## [TASK OBJECTIVE]
Without the images, print every line of the material below exactly as given.

## [DATA]
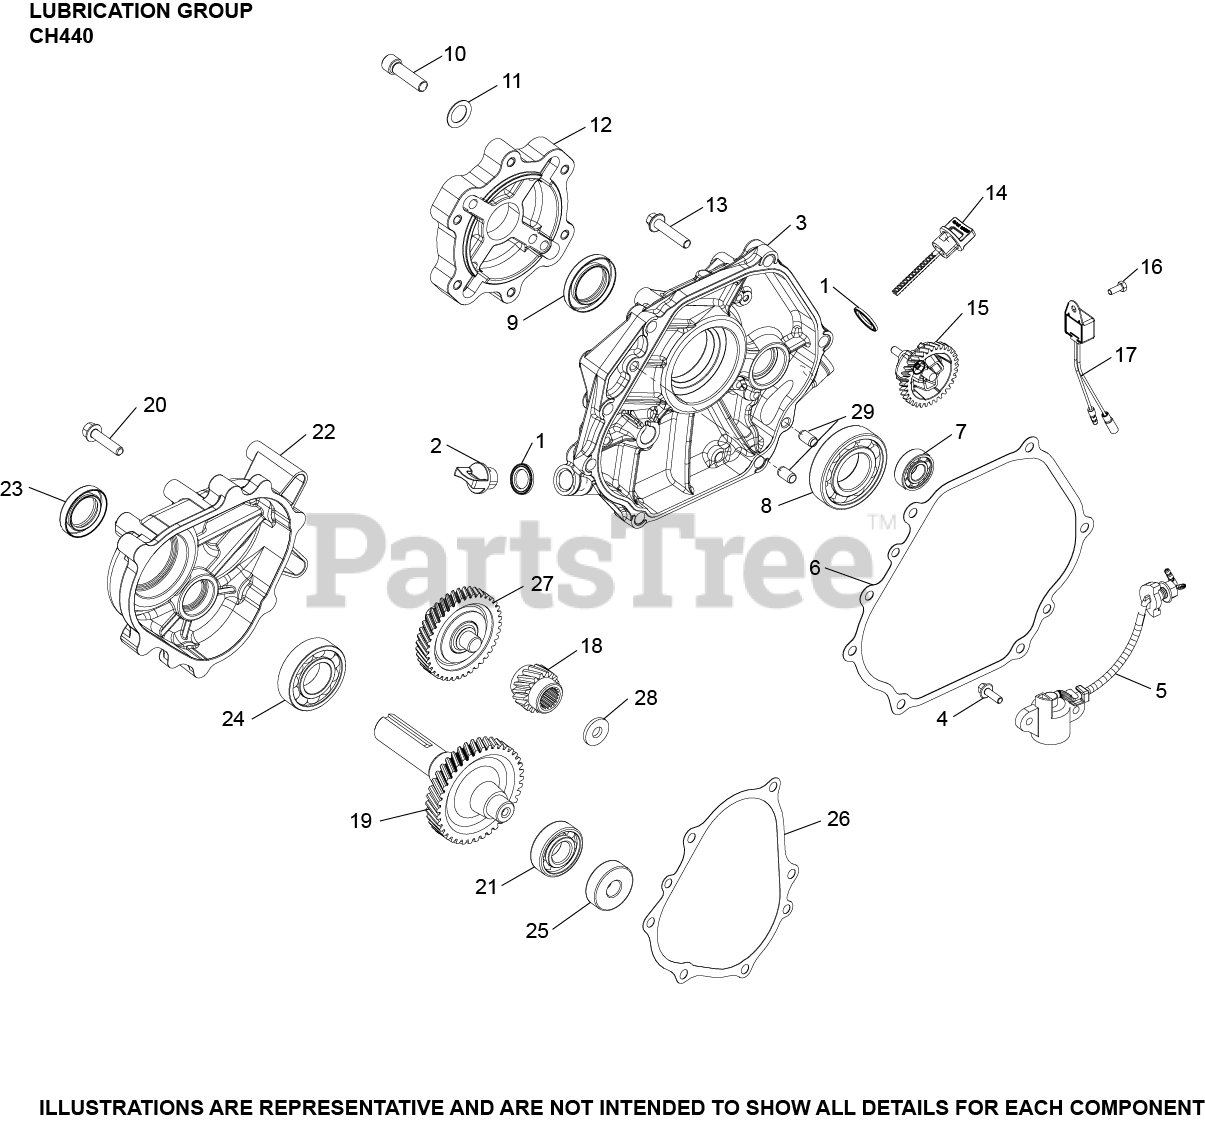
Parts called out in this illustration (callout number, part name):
1	SEAL, OIL
3	KIT, CLOSURE PLATE ASSEMBLY
5	SWITCH, OIL SENSOR ASSEMBLY
6	GASKET, CLOSURE PLATE
13	SCREW, CLOSURE PLATE (CKY)
14	DIPSTICK ASSEMBLY
15	GOVERNOR ASSEMBLY
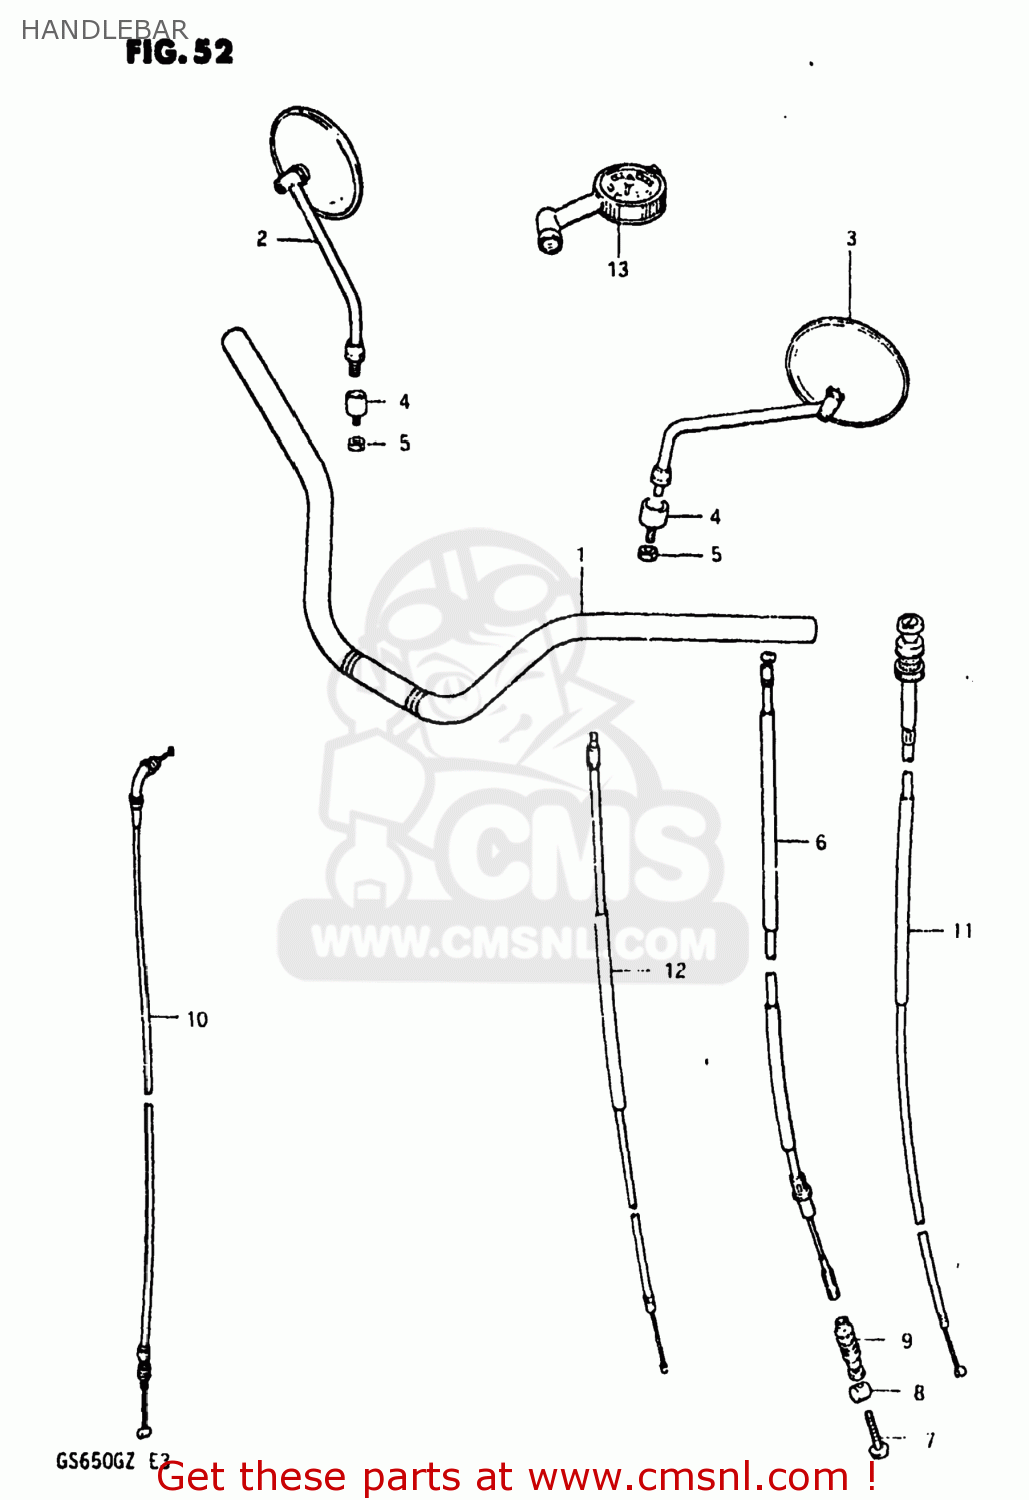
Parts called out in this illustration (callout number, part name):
1	HANDLEBAR
2	MIRROR ASSEMBLY,RIGHT
3	MIRROR ASSEMBLY,LEFT
4	CUSHION,REAR VIEW MIRROR
5	NUT
6	CABLE ASSEMBLY,CLUTCH
7	SCREW
8	PIN
9	DUST SEAL
10	CABLE ASSEMBLY,THROTTLE
11	CABLE ASSEMBLY,STARTER
12	CABLE COMP,STARTER
13	GAUGE ASSY,AIR PRESSURE
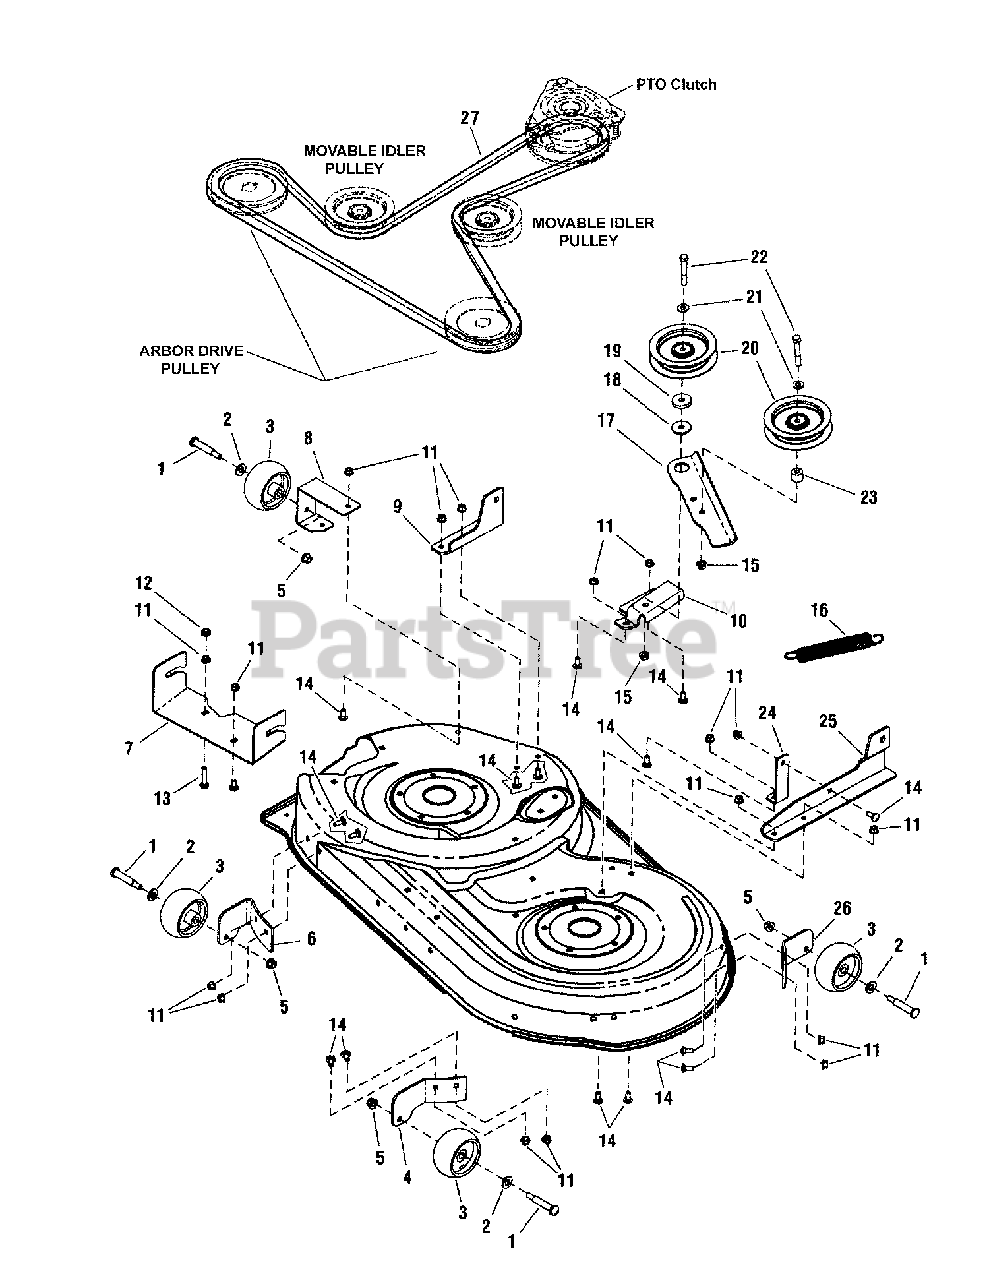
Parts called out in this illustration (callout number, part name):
1	BOLT, Shoulder (Gage Wheel) 3/8-16 x 2.781 x 3/4"
2	WASHER, .51 I.D. x 1.0 O.D. x .10 Thick
3	WHEEL, Gage (2" Wide, 3.92 Dia.)
4	BRACKET, Gage Wheel L.H. Front
5	NUT, 3/8-16 Hex Flange Nyloc
6	BRACKET, Gage Wheel R.H. Front
7	HITCH, Mower Front
8	BRACKET, Gage Wheel R.H. Rear
9	SUPPORT, Mower Rear R.H.
10	BRACKET, Fixed Idler
11	NUT, 5/16-18 Hex Flange Lock, Small - Black
12	NUT, 5/16-18 Hex Two-Way Lock
13	BOLT, 5/16-18 x 1-1/2" Round Head Square Neck, GR5
14	BOLT, 5/16-18 x 3/4" Round Head Short Square Neck, GR5
15	NUT, 3/8-16 Hex Flange Whizlock, GR F
16	SPRING, Extension
17	ARM, Idler
18	SPACER, .406 I.D. x 1.50 O.D. x .350 Thick, Powdered Metal
19	WASHER, 3/8 (.41 I.D. x 1.50 O.D. x .25 Thick)
20	PULLEY, Idler, 4" O.D. x .378 I.D. x 1"
21	WASHER, .3/8 (.41 I.D. x .87 O.D. x .08 Thick)
22	SCREW, 3/8-16 x 2-1/2" Hex Head Cap, GR5
23	SPACER (.390 x .900 x .70 Thick)
24	BRACE, Mower Support
25	SUPPORT, Mower Rear L.H.
26	BRACKET, Gage Wheel L.H. Rear
27	V-BELT, A Wedge 98.00 Effective Length, Belt Sect. HA
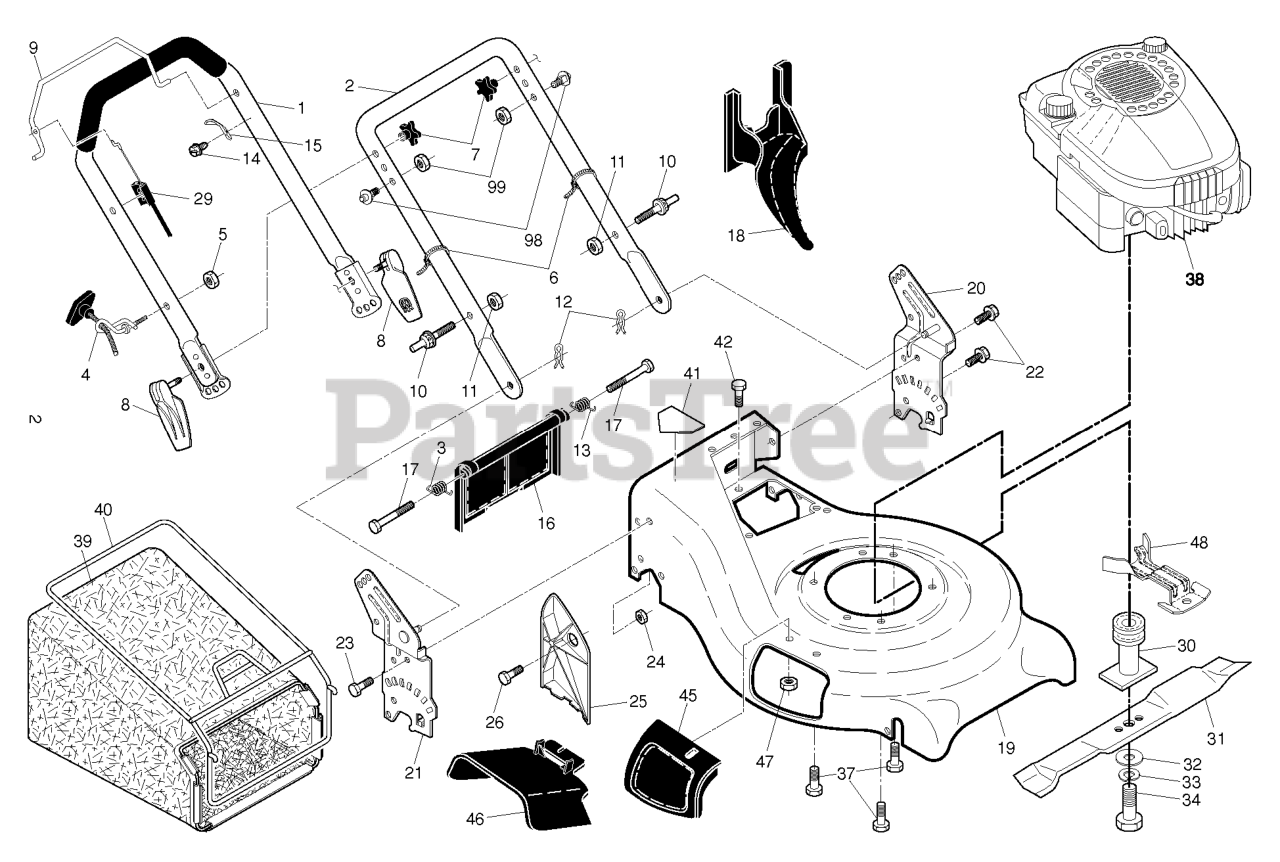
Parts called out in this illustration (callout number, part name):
1	Upper Handle
2	HANDLE.LOWER.21.PNT
3	SPRING.RH.REAR.DOOR.21.RWGD
4	RB GUIDE.ROPE.STD.BLK.ZIN WSL
5	NUT
6	TIE GUIDE
7	KNOB.HANDLE.PLASTIC.STAR.BLACK
8	QUICK.ASM.RELEASE.BLACK
9	BAIL.CONT.COMF.PUSH.ORGANGE.RH
11	NUT.LOCK.5/16-18
12	HAIRPIN COTTER
13	SPRING.LH.REAR.DOOR.21.RWGD
15	BRACKET UPSTOP
16	REAR DOOR ASSEMBLY
18	PLUG.MULCHER.RGD.21.
19	KIT.HSG.21.RGD.MC.ORG.CE
20	BRACKET.HNDL.ASM.21.RWGD.LT.OR
21	BRACKET.HNDL.ASM.21.RWGD.RT.OR
22	BOLT.HEX.HD.WASHER.5/16-18X.75
23	BOLT, HEX HEAD 5/16-18
24	NUT.71038.31-18.HEX.NYLOCK
25	CLIPPING DEFLECTOR
29	SNAP-ON.ZONE.CABLE.ASS
30	ADAPTER.BLADE/PULLEY.25M
31	BLADE.21.PUSH
32	WASHER,HARDEN
33	LOCKWASHER
34	SCREW, HEX HD 3/8-24 X 1-3/8
37	BOLT 3/8-16X1-1/8
39	GBAG.94710090.H-GRY.MS498.GEN
40	FRAME.GBAG.21.RWGD.SC
41	DECAL.INTERNATIONL.CUTFINGER
42	SCREW 14-20 X 5/8
45	MULCHER DOOR ASM.
46	DEFLECTOR, DISCHARGE
48	BRACKET.ENG/BELTKEEPER.BZP
98	STUD.QUICK.ADJUST
99	NUT.LOCK.5/16-18

## [SOLUTION TO THIS EXERCISE]
Parts called out in this illustration (callout number, part name):
1	SEAL, OIL
3	KIT, CLOSURE PLATE ASSEMBLY
5	SWITCH, OIL SENSOR ASSEMBLY
6	GASKET, CLOSURE PLATE
13	SCREW, CLOSURE PLATE (CKY)
14	DIPSTICK ASSEMBLY
15	GOVERNOR ASSEMBLY
Parts called out in this illustration (callout number, part name):
1	HANDLEBAR
2	MIRROR ASSEMBLY,RIGHT
3	MIRROR ASSEMBLY,LEFT
4	CUSHION,REAR VIEW MIRROR
5	NUT
6	CABLE ASSEMBLY,CLUTCH
7	SCREW
8	PIN
9	DUST SEAL
10	CABLE ASSEMBLY,THROTTLE
11	CABLE ASSEMBLY,STARTER
12	CABLE COMP,STARTER
13	GAUGE ASSY,AIR PRESSURE
Parts called out in this illustration (callout number, part name):
1	BOLT, Shoulder (Gage Wheel) 3/8-16 x 2.781 x 3/4"
2	WASHER, .51 I.D. x 1.0 O.D. x .10 Thick
3	WHEEL, Gage (2" Wide, 3.92 Dia.)
4	BRACKET, Gage Wheel L.H. Front
5	NUT, 3/8-16 Hex Flange Nyloc
6	BRACKET, Gage Wheel R.H. Front
7	HITCH, Mower Front
8	BRACKET, Gage Wheel R.H. Rear
9	SUPPORT, Mower Rear R.H.
10	BRACKET, Fixed Idler
11	NUT, 5/16-18 Hex Flange Lock, Small - Black
12	NUT, 5/16-18 Hex Two-Way Lock
13	BOLT, 5/16-18 x 1-1/2" Round Head Square Neck, GR5
14	BOLT, 5/16-18 x 3/4" Round Head Short Square Neck, GR5
15	NUT, 3/8-16 Hex Flange Whizlock, GR F
16	SPRING, Extension
17	ARM, Idler
18	SPACER, .406 I.D. x 1.50 O.D. x .350 Thick, Powdered Metal
19	WASHER, 3/8 (.41 I.D. x 1.50 O.D. x .25 Thick)
20	PULLEY, Idler, 4" O.D. x .378 I.D. x 1"
21	WASHER, .3/8 (.41 I.D. x .87 O.D. x .08 Thick)
22	SCREW, 3/8-16 x 2-1/2" Hex Head Cap, GR5
23	SPACER (.390 x .900 x .70 Thick)
24	BRACE, Mower Support
25	SUPPORT, Mower Rear L.H.
26	BRACKET, Gage Wheel L.H. Rear
27	V-BELT, A Wedge 98.00 Effective Length, Belt Sect. HA
Parts called out in this illustration (callout number, part name):
1	Upper Handle
2	HANDLE.LOWER.21.PNT
3	SPRING.RH.REAR.DOOR.21.RWGD
4	RB GUIDE.ROPE.STD.BLK.ZIN WSL
5	NUT
6	TIE GUIDE
7	KNOB.HANDLE.PLASTIC.STAR.BLACK
8	QUICK.ASM.RELEASE.BLACK
9	BAIL.CONT.COMF.PUSH.ORGANGE.RH
11	NUT.LOCK.5/16-18
12	HAIRPIN COTTER
13	SPRING.LH.REAR.DOOR.21.RWGD
15	BRACKET UPSTOP
16	REAR DOOR ASSEMBLY
18	PLUG.MULCHER.RGD.21.
19	KIT.HSG.21.RGD.MC.ORG.CE
20	BRACKET.HNDL.ASM.21.RWGD.LT.OR
21	BRACKET.HNDL.ASM.21.RWGD.RT.OR
22	BOLT.HEX.HD.WASHER.5/16-18X.75
23	BOLT, HEX HEAD 5/16-18
24	NUT.71038.31-18.HEX.NYLOCK
25	CLIPPING DEFLECTOR
29	SNAP-ON.ZONE.CABLE.ASS
30	ADAPTER.BLADE/PULLEY.25M
31	BLADE.21.PUSH
32	WASHER,HARDEN
33	LOCKWASHER
34	SCREW, HEX HD 3/8-24 X 1-3/8
37	BOLT 3/8-16X1-1/8
39	GBAG.94710090.H-GRY.MS498.GEN
40	FRAME.GBAG.21.RWGD.SC
41	DECAL.INTERNATIONL.CUTFINGER
42	SCREW 14-20 X 5/8
45	MULCHER DOOR ASM.
46	DEFLECTOR, DISCHARGE
48	BRACKET.ENG/BELTKEEPER.BZP
98	STUD.QUICK.ADJUST
99	NUT.LOCK.5/16-18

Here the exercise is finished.